Pointing to North Korea's responsibility to take steps toward its denuclearization, Marie Harf, the acting spokesperson for the US State Department, said that Iran and North Korean nuclear cases were "very different issues."

"What Iran chooses to do or not do doesn't have a lot of bearing on whether North Korea lives up to its international obligations," she said during a daily press briefing last Friday.

"So we have said that if North Korea is open to coming back to the table in a credible way as part of the six-party talks, obviously, we believe the goal is the same. We need to get to a denuclearized Korean Peninsula. So the responsibility is on them, though, and regardless of what's happening in other nuclear talks around the world."

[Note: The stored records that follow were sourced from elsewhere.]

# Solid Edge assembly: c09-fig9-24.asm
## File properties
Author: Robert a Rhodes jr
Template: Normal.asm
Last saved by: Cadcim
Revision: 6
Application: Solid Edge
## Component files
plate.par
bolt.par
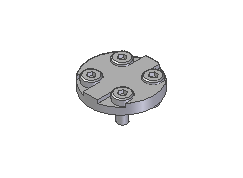
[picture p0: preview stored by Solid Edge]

Meanwhile, officials from South Korea and other members of the six-party talks are expected to gather at a civilian forum in Japan in May to potentially discuss how to address North Korea's nuclear problem.

Director general-level officials from the six countries may attend the Northeast Asia Cooperation Dialogue, a forum hosted by the University of California's Institute on Global Conflict and Cooperation. The IGCC has reportedly sent an invitation to the North Korean delegation.

The six-party talks have been stalled since December 2008. Pyongyang had called for an unconditional resumption of the talks. But Seoul and Washington have claimed that for the talks to resume, the communist regime should first show its sincerity in its denuclearization commitments.

Angrily responding to the allies' demands for "sincerity," the North has said that it would not bargain away its nuclear arms.